By Amy HoakRISMEDIA, September 3, 2007-(MarketWatch)-Long-term mortgage rates headed down this week, while short-term rates moved up, according to Freddie Mac’s weekly survey.
The increases seen in ARM rates are “consistent with movement of the yields on short-term Treasury securities, which have exhibited higher volatility recently due to market uncertainties,” said Frank Nothaft, Freddie Mac vice president and chief economist, in a news release.
The 30-year fixed-rate mortgage averaged 6.45% during the week ending Aug. 30, down from last week’s 6.52% average. The mortgage averaged 6.44% a year ago.
The 15-year fixed-rate mortgage averaged 6.12%, down from 6.18% last week. The mortgage averaged 6.14% a year ago.
Meanwhile, 5-year Treasury-indexed hybrid adjustable-rate mortgages averaged 6.35%, up slightly from 6.34% last week.

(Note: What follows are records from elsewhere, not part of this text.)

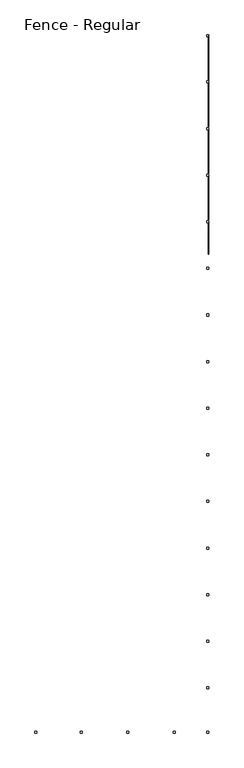
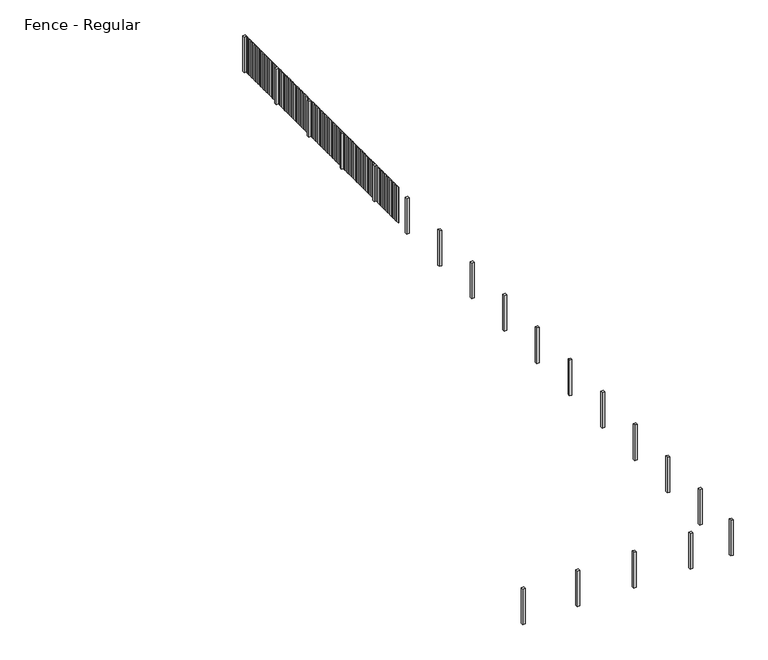
"""IFC4 building model written with IfcOpenShell, lengths in millimetres: railing geometry, Fence - Regular."""

import ifcopenshell
import ifcopenshell.guid

model = None  # the IFC model being written
_history = None  # IfcOwnerHistory: only IFC2X3 demands one
_inside = {}  # id of a spatial element -> (the spatial element, [elements in it])
_under = {}  # id of a project, library or spatial element -> (it, [spatial elements below it])
_declared = {}  # id of a project -> (the project, [libraries it declares])
_typed = {}  # id of a type object -> (the type object, [elements of that type])
_made_of = {}  # id of a material, layer set ... -> (it, [elements and type objects made of it])


def new_model(schema):
    """Start an empty IFC model of exactly this schema.

    Asked for "IFC4X3", IfcOpenShell would pick the latest addendum, in which some entities
    have other attributes; the version numbers below select the first issue.
    IFC2X3 requires an IfcOwnerHistory on every rooted entity: one is made here for all.
    """
    global model, _history
    if schema == "IFC4X3":
        model = ifcopenshell.file(schema_version=(4, 3, 0, 0))
    else:
        model = ifcopenshell.file(schema=schema)
    _inside.clear()
    _under.clear()
    _declared.clear()
    _typed.clear()
    _made_of.clear()
    _history = None
    if model.schema == "IFC2X3":
        org = make("IfcOrganization", Name="unknown")
        user = make(
            "IfcPersonAndOrganization",
            ThePerson=make("IfcPerson", FamilyName="unknown"),
            TheOrganization=org,
        )
        app = make(
            "IfcApplication",
            ApplicationDeveloper=org,
            Version="unknown",
            ApplicationFullName="unknown",
            ApplicationIdentifier="unknown",
        )
        _history = make(
            "IfcOwnerHistory",
            OwningUser=user,
            OwningApplication=app,
            ChangeAction="ADDED",
            CreationDate=0,
        )
    return model


def make(cls, **values):
    """One entity of the class cls with the attributes given. An attribute that is None is left unset."""
    return model.create_entity(
        cls, **{name: value for name, value in values.items() if value is not None}
    )


def rooted(cls, **values):
    """An entity with a GlobalId (a new one), such as an element, a storey or a relation."""
    return make(cls, GlobalId=ifcopenshell.guid.new(), OwnerHistory=_history, **values)


def si_unit(unit_type, name, prefix=None):
    """IfcSIUnit, for example si_unit("LENGTHUNIT", "METRE", prefix="MILLI")."""
    return make("IfcSIUnit", UnitType=unit_type, Prefix=prefix, Name=name)


def assignment(units):
    """IfcUnitAssignment: the units of a project."""
    return None if units is None else make("IfcUnitAssignment", Units=units)


def point(xyz):
    """IfcCartesianPoint."""
    return None if xyz is None else make("IfcCartesianPoint", Coordinates=xyz)


def direction(xyz):
    """IfcDirection."""
    return None if xyz is None else make("IfcDirection", DirectionRatios=xyz)


def frame(location, z_axis=None, x_axis=None):
    """IfcAxis2Placement3D, a coordinate frame: its origin and axes. An axis left out is left unset."""
    return make(
        "IfcAxis2Placement3D",
        Location=point(location),
        Axis=direction(z_axis),
        RefDirection=direction(x_axis),
    )


def origin():
    """The frame at (0, 0, 0) with its axes left unset."""
    return frame((0.0, 0.0, 0.0))


def origin_with_axes():
    """The frame at (0, 0, 0) with the z axis (0, 0, 1) and the x axis (1, 0, 0) written out."""
    return frame((0.0, 0.0, 0.0), z_axis=(0.0, 0.0, 1.0), x_axis=(1.0, 0.0, 0.0))


def place(relative_to, where):
    """IfcLocalPlacement: puts the frame where relative to a parent placement (None: the world)."""
    return make(
        "IfcLocalPlacement", PlacementRelTo=relative_to, RelativePlacement=where
    )


def context(
    kind, dimensions, precision=None, world=None, true_north=None, identifier=None
):
    """IfcGeometricRepresentationContext, for example the 3D "Model" context."""
    return make(
        "IfcGeometricRepresentationContext",
        ContextIdentifier=identifier,
        ContextType=kind,
        CoordinateSpaceDimension=dimensions,
        Precision=precision,
        WorldCoordinateSystem=world,
        TrueNorth=true_north,
    )


def project(units=None, contexts=None):
    """IfcProject with its units and contexts."""
    return rooted(
        "IfcProject",
        Name="project",
        RepresentationContexts=contexts,
        UnitsInContext=assignment(units),
    )


def spatial(cls, under=None, at=None, **own):
    """A site, building, storey or space (cls), placed at a placement, below another one or the project."""
    s = rooted(cls, ObjectPlacement=at, **own)
    if under is not None:
        _under.setdefault(under.id(), (under, []))[1].append(s)
    return s


def polyline(points):
    """IfcPolyline through the points."""
    return make("IfcPolyline", Points=[point(p) for p in points])


def outline(outer, holes=None, kind="AREA"):
    """IfcArbitraryClosedProfileDef: a profile drawn as a closed curve; with holes, ...WithVoids."""
    if holes is None:
        return make("IfcArbitraryClosedProfileDef", ProfileType=kind, OuterCurve=outer)
    return make(
        "IfcArbitraryProfileDefWithVoids",
        ProfileType=kind,
        OuterCurve=outer,
        InnerCurves=holes,
    )


def extrude(swept, where, along, depth):
    """IfcExtrudedAreaSolid: the profile swept, set in the frame where, extruded along a direction by depth."""
    return make(
        "IfcExtrudedAreaSolid",
        SweptArea=swept,
        Position=where,
        ExtrudedDirection=direction(along),
        Depth=depth,
    )


def shape(context_of_items, identifier, shape_type, items):
    """IfcShapeRepresentation: the items that make up one representation, for example the "Body"."""
    return make(
        "IfcShapeRepresentation",
        ContextOfItems=context_of_items,
        RepresentationIdentifier=identifier,
        RepresentationType=shape_type,
        Items=items,
    )


def source(mapping_origin, context_of_items, identifier, shape_type, items):
    """IfcRepresentationMap: a shape defined once, which mapped items show again and again."""
    return make(
        "IfcRepresentationMap",
        MappingOrigin=mapping_origin,
        MappedRepresentation=shape(context_of_items, identifier, shape_type, items),
    )


def transform(
    local_origin,
    x_axis=None,
    y_axis=None,
    z_axis=None,
    scale=None,
    scale2=None,
    scale3=None,
    uniform=True,
):
    """IfcCartesianTransformationOperator3D, or its non-uniform kind. x_axis, y_axis, z_axis: its Axis1, 2, 3."""
    if uniform:
        return make(
            "IfcCartesianTransformationOperator3D",
            Axis1=direction(x_axis),
            Axis2=direction(y_axis),
            LocalOrigin=point(local_origin),
            Scale=scale,
            Axis3=direction(z_axis),
        )
    return make(
        "IfcCartesianTransformationOperator3DnonUniform",
        Axis1=direction(x_axis),
        Axis2=direction(y_axis),
        LocalOrigin=point(local_origin),
        Scale=scale,
        Axis3=direction(z_axis),
        Scale2=scale2,
        Scale3=scale3,
    )


def mapped(mapping_source, mapping_target):
    """IfcMappedItem: shows the shape of a source again, moved by a transform."""
    return make(
        "IfcMappedItem", MappingSource=mapping_source, MappingTarget=mapping_target
    )


def made_of(thing, what):
    """Note that an element or type object is made of a material, layer set ...; save() writes the relation."""
    if what is not None:
        _made_of.setdefault(what.id(), (what, []))[1].append(thing)
    return thing


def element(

The hybrid averaged 6.11% a year ago.
One-year Treasury-indexed ARMs took a bigger jump, averaging 5.84% for the week, up from 5.60% last week. The ARM averaged 5.59% a year ago.
To obtain the rates, both fixed-rate mortgages required payment of an average 0.5 point. The 5-year ARM required payment of an average 0.6 point and the 1-year ARM required payment of a 0.8 point. A point is 1% of the mortgage amount, charged as prepaid interest.
Nothaft also pointed out in his comments that new-home sales rose in July to 870,000 units, led by a 22% increase in the Western region, numbers that defied expectations.
“Existing-home sales fell, however, though by less than the market had forecasted, to 5.75 million units, with the decline limited to the Midwest region,” he said.
In a separate survey released on Wednesday, the Mortgage Bankers Association said that mortgage applications fell 4.0% last week.
The MBA survey covers about half of all U.S. retail residential mortgage applications.
Amy Hoak is a MarketWatch reporter based in Chicago.